CAMILLO: California - founded by Mervin Field, and I think he deserves most of that credit.

SIEGEL: Mark, you're the director of the Field Poll in California. Thanks, Mark, for talking with us...

CAMILLO: Thank you.

SIEGEL: ...today. And the news, of course, here is that in the Florida Republican primary, at which there are 57 delegates at stake, John McCain, the Arizona senator, is the winner, and Mitt Romney is running second. They're still counting the votes, and they will be for another - at least another hour or more. But the gap seems to be more than 50,000 votes. Our editor, Ron Elving, is with me. And, Ron, this - should one now say in this very subjective business of reporting on primary campaigns John McCain is now clearly the Republican frontrunner for the nomination?

ELVING: I think you have to say that at this point, Robert. He has the monkey of South Carolina off his back from 2000. He has the sense that he cannot win among Republicans only off his back. This was an event where only Republicans could vote. And while it is a narrow victory, it is a victory over a field that had already been winnowed to people who, it seemed, had McCain hemmed in on several sides. For him to emerge from this is really his most impressive showing as a politician to date.
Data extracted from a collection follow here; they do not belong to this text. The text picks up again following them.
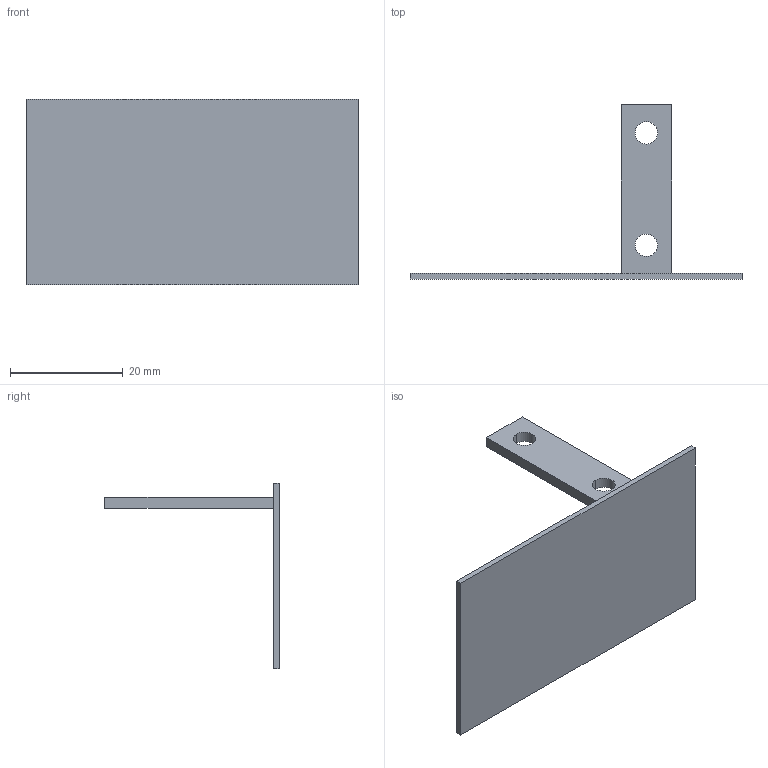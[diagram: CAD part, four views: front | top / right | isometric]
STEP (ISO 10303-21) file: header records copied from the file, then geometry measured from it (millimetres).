
FILE_DESCRIPTION(('STEP AP242'),'1');
FILE_NAME('OPO_65.082.47_volu_3d.stp','2026-01-30T20:54:15',(' '),(' '),'Spatial InterOp 3D',' ',' ');
FILE_SCHEMA(('AP242_MANAGED_MODEL_BASED_3D_ENGINEERING_MIM_LF {1 0 10303 442 1 1 4}'));
Length unit declared in the file: millimetre
Products named in the file (1): 1
Bounding box: 59 x 31 x 33 mm (x, y, z)
Volume: 2436.7 mm3; surface area: 4774 mm2
Topology: 2 solids, 2 shells, 58 faces, 148 edges, 98 vertices
Faces by surface type: plane 34, cylinder 24
Entity records: 2256 total; most frequent: DIRECTION 316, CARTESIAN_POINT 306, ORIENTED_EDGE 296, EDGE_CURVE 148, AXIS2_PLACEMENT_3D 108, LINE 100, VECTOR 100, VERTEX_POINT 98

SIEGEL: His people have remarked that he spends more time fundraising nowadays because there's actually - he can raise funds now, which wasn't the case a while ago. I would assume a couple of big wins - the one in South Carolina, and this bigger win, I suppose, in Florida - makes it much easier for McCain to raise money.

ELVING: In addition to that, there is going to be a series of endorsements. Perhaps Rudy Giuliani, tomorrow, as some people are now reporting, will pull out of the race himself and endorse John McCain. I believe there will be a series of endorsements for John McCain from other figures in the Republican Party. There will be people who are in the establishment, people who are outside, what is sometimes thought of as the Republican establishment - all of them suddenly jumping on the McCain bandwagon.

SIEGEL: And again, to repeat, in the Democratic primary, at which - in which no delegates will be awarded, Hillary Clinton winning with ease, and in fact, winning more votes than anybody else in Florida today. In the Republican primary, which was a field contested by all the major candidates, the winner is John McCain.